# Delta Shopmaster LA200 Midi Lathe



## vantoo (May 5, 2012)

Can get it used for 200 bucks...opinions please...thanks


----------



## Holz Mechaniker (May 6, 2012)

I put mine on eBay last year and I barely got 125 for it.  
You might do well via Craig's list. though


----------



## joek30296 (May 6, 2012)

I paid $225 last year for my 46-250 (same lathe as LA 200) off craigslist.  However, the guy threw in the following:  bed extension, set of Sorby chisels, Woodcraft pen press, 10 simline pen kits, 2pcs. ash 4X4 (baseball bat mat'l).  I felt I did ok and didn't even quibble over his price.

Said all that to say that $200 wouldn't be bad if he throws in a few extras.

Joe


----------



## vantoo (May 6, 2012)

joek30296 said:


> I paid $225 last year for my 46-250 (same lathe as LA 200) off craigslist.  However, the guy threw in the following:  bed extension, set of Sorby chisels, Woodcraft pen press, 10 simline pen kits, 2pcs. ash 4X4 (baseball bat mat'l).  I felt I did ok and didn't even quibble over his price.
> 
> Said all that to say that $200 wouldn't be bad if he throws in a few extras.
> 
> Joe



how do you like it. I have a full size lathe, but looking for something smaller. thanks for the replys....


----------



## joek30296 (May 6, 2012)

Vantoo,
I don't have much to compare it to other than the old Craftsman tube lathe I had for 25 yrs.  I've only done a dozen or so pens since I've had it...plenty of power for those.  Just recently purchased a Nova G3 chuck when it was on sale at Woodcraft but haven't really done anything with it yet.  Planning to try a bowl soon. 

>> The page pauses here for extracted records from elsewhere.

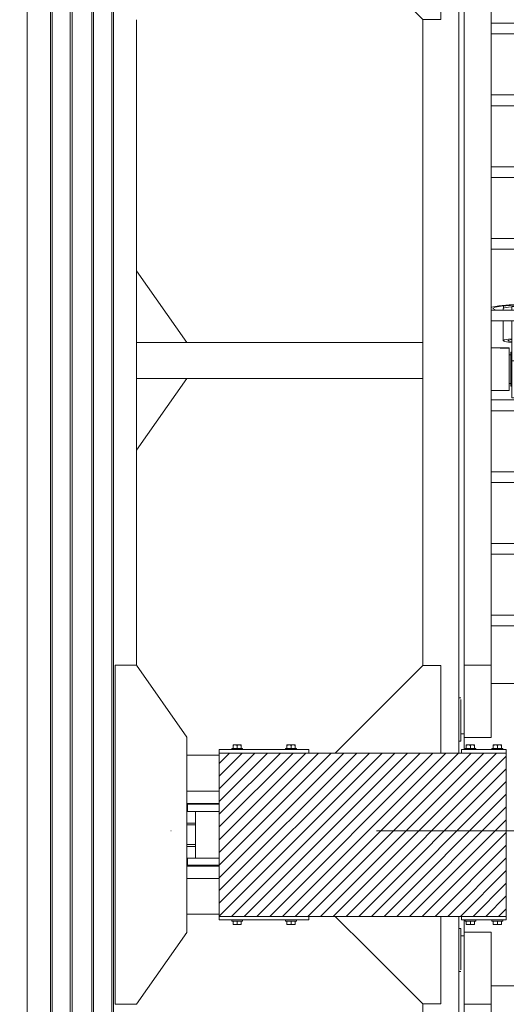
# Model space of a CAD drawing. Header units: millimetres. Extents: x 53746 to 116821, y -810352 to -765802.
# Tile 337 of 347: x 101015 to 102371, y -786677 to -783933. Entities that reach past the tile are written whole.
import ezdxf

# ---------------------------------------------------------------- set-up
doc = ezdxf.new("R2010")
doc.units = ezdxf.units.MM
doc.header["$MEASUREMENT"] = 0
doc.linetypes.add('DGN Style 4', pattern=[2290.351719, 1144.460571, -572.230286, 1.430576, -572.230286])
for name, color, linetype, lineweight in [('Main Cradle', 7, 'Continuous', 0), ('Main Cradle Blocks', 7, 'Continuous', 0), ('Main Cradle Hydraulic Arm Support', 7, 'Continuous', 0), ('Main Cradle Rails', 7, 'Continuous', 0)]:
    doc.layers.add(name, color=color, linetype=linetype, lineweight=lineweight)

# ---------------------------------------------------------------- blocks, each defined once
blk = doc.blocks.new('*U94')
at = {"layer": 'Main Cradle', "color": 7, "linetype": 'Continuous', "lineweight": 0}
for p, q in [((-74.9, 1122.6), (-174.9, 1122.6)), ((59.1, 1122.6), (-58.9, 1122.6)), ((175.1, 1122.6), (75.1, 1122.6)), ((-932.6, -28), (-1072.5, 172)), ((932.6, -28), (1072.6, 172)), ((-1072.6, -328), (-932.6, -128)), ((1072.6, -328), (932.6, -128))]:
    blk.add_line(p, q, dxfattribs=at)
at = {"layer": 'Main Cradle Hydraulic Arm Support', "color": 7, "linetype": 'Continuous', "lineweight": 0}
for p, q in [((525.1, 1172.6), (427.5, 1172.6)), ((-174.9, -1172.6), (-174.9, 1122.6)), ((-74.9, 1102.6), (-74.9, 1122.6)), ((-58.9, 1122.6), (-74.9, 1122.6)), ((-74.9, 1061.9), (-74.9, 1102.6)), ((-74.9, 1102.6), (-58.9, 1102.6)), ((-58.9, 1122.6), (-58.9, 1102.6)), ((-58.9, 1102.6), (-58.9, 1061.9)), ((59.1, 1122.6), (59.1, 1102.6)), ((59.1, 1122.6), (75.1, 1122.6)), ((75.1, 1102.6), (59.1, 1102.6)), ((59.1, 1102.6), (59.1, 1061.9)), ((75.1, 1102.6), (75.1, 1122.6)), ((75.1, 1061.9), (75.1, 1102.6)), ((175.1, -1172.6), (175.1, 1122.6)), ((-74.9, 1097.6), (-174.9, 1097.6)), ((-160, -927.7), (-160, 1072.6)), ((-85, -927.7), (-85, 1072.6)), ((-37.7, 1097.6), (-58.9, 1097.6)), ((-35, 1097.6), (-35.5, 1097.6)), ((-35, 1097.6), (-35, 1093.1)), ((-30, 1077.6), (-35, 1077.6)), ((-35, 1077.6), (-30, 1077.6)), ((-27.5, 1085), (-30, 1085)), ((30, 1085), (27.5, 1085)), ((35, 1077.6), (30, 1077.6)), ((30, 1077.6), (35, 1077.6)), ((30, 1077.6), (35, 1077.6)), ((35, 1093.1), (35, 1097.6)), ((35, 1097.6), (35.9, 1097.6)), ((45.8, 1097.6), (59.1, 1097.6)), ((75.1, 1097.6), (175.1, 1097.6)), ((160.1, -927.7), (160.1, 1072.6)), ((85.1, 1031.9), (85.1, 1061.9)), ((85.1, 1031.9), (-85, 1031.9)), ((85.1, 1031.9), (85.1, -927.7)), ((-35, 997.7), (-30, 997.7)), ((-30, 997.7), (-35, 997.7)), ((-30, 997.7), (-35, 997.7)), ((-35, 997.7), (-30, 997.7)), ((-35, 997.6), (-30, 997.6)), ((-27.5, 990.3), (-30, 990.3)), ((30, 990.3), (27.5, 990.3)), ((30, 997.7), (35, 997.7)), ((35, 997.7), (30, 997.7)), ((30, 997.7), (35, 997.7)), ((30, 997.6), (35, 997.6)), ((-160, 979), (-174.9, 978.6)), ((-174.9, 977.6), (-160, 977.6)), ((-160, 982.2), (-160, 982.2)), ((85.1, 977.6), (37.6, 977.6)), ((160.1, 982.2), (160.1, 982.2)), ((175.1, 977.6), (160.1, 977.6)), ((27.5, 908.6), (-27.5, 908.6)), ((83.2, 901.9), (85.1, 900.7)), ((-274.9, 872.6), (-274.9, -28)), ((85.1, 861.9), (-85, 861.9)), ((275.1, 872.6), (275.1, -28)), ((-85, 831.9), (85.1, 831.9)), ((-85, 661.9), (85.1, 661.9)), ((85.1, 631.9), (-85, 631.9)), ((-85, 461.9), (85.1, 461.9)), ((85.1, 431.9), (-85, 431.9)), ((-85, 261.9), (85.1, 261.9)), ((85.1, 231.9), (-85, 231.9)), ((-85, 61.9), (85.1, 61.9)), ((-51, 66.4), (-51, 61.9)), ((-50, 73.8), (-50, 67)), ((-27.5, 72.6), (-27.5, 61.9)), ((-27.5, 72.6), (27.5, 72.6)), ((27.5, 61.9), (27.5, 72.6)), ((50, 67), (50, 73.8)), ((51, 61.9), (51, 66.4)), ((80, 66.4), (80, 66.4)), ((85.1, 31.9), (-85, 31.9)), ((-51, 31.9), (-51, -23)), ((-27.5, 31.9), (-27.5, -78.9)), ((27.5, -78.9), (27.5, 31.9)), ((51, -23), (51, 31.9)), ((-1072.6, -28), (-274.9, -28)), ((-274.9, -28), (-274.9, -128)), ((-85, -42.8), (-34.9, -42.9)), ((-34.9, -44.4), (-35, -44.4)), ((-34.9, -42.9), (-34.9, -44.4)), ((-30, -54.7), (-27.5, -54.7)), ((27.5, -54.7), (30, -54.7)), ((35, -42.9), (85.1, -42.9)), ((427.5, -28), (275.1, -28)), ((275.1, -28), (275.1, -128)), ((1072.6, -28), (427.5, -28)), ((27.5, -78.9), (-27.5, -78.9)), ((27.5, -109.6), (27.5, -78.9)), ((30, -62.4), (35, -62.4)), ((-1072.6, -128), (-274.9, -128)), ((-274.9, -128), (-274.9, -928.6)), ((-274.9, -128), (-274.9, -128)), ((427.5, -128), (275.1, -128)), ((275.1, -128), (275.1, -928.6)), ((275.1, -128), (275.1, -128)), ((1072.6, -128), (427.5, -128)), ((-30, -142.4), (-34.9, -142.4)), ((-27.5, -150), (-30, -150)), ((30, -150), (27.5, -150)), ((35, -142.4), (30, -142.4)), ((-85, -188.1), (85.1, -188.1)), ((85.1, -218.1), (-85, -218.1)), ((-85, -388.1), (85.1, -388.1)), ((85.1, -418.1), (-85, -418.1)), ((-85, -588.1), (85.1, -588.1)), ((85.1, -618.1), (-85, -618.1)), ((-85, -788.1), (85.1, -788.1)), ((85.1, -818.1), (-85, -818.1)), ((-160, -874.9), (-160, -874.9)), ((160.1, -874.9), (160.1, -874.9)), ((-160, -1128.8), (-160, -927.7)), ((-160, -927.7), (-85, -927.7)), ((-85, -1128.8), (-85, -927.7)), ((85.1, -927.7), (85.1, -1128.8)), ((160.1, -927.7), (85.1, -927.7)), ((160.1, -927.7), (160.1, -1128.8)), ((-85, -978.8), (85.1, -978.8)), ((-174.9, -1018.8), (-170.7, -1018.8)), ((-170.7, -1018.8), (-169.7, -1018.8)), ((-169.7, -1018.8), (-169.6, -1018.8)), ((160.1, -1040.5), (160.1, -1078.8)), ((169.7, -1018.8), (169.8, -1018.8)), ((169.8, -1018.8), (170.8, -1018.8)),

All in all, it's been fine for what I do, plenty accurate, powerful enough (1/2 hp), large enough with the bed extension.  Sometimes I wish it was vs but I can live with that for what I paid.

Hope this helps.

Joe


----------



## vantoo (May 7, 2012)

thanks for the input guys. I got it today. It is like new and has the vari speed. Perfect size for pens.


----------



## joek30296 (May 8, 2012)

Report back in a few weeks and let us know how you like it.

Joe


----------



## plano_harry (May 9, 2012)

LA200 has variable speed?



vantoo said:


> thanks for the input guys. I got it today. It is like new and has the vari speed. Perfect size for pens.


----------



## vantoo (May 11, 2012)

plano_harry said:


> LA200 has variable speed?
> 
> 
> 
> ...



yep....I guess you would call it that. You have to change the belt on the pulleys....but I like it. It is just right for turning pens. Used it for several so far and it is easier to use on the pens than my large lathe.....


----------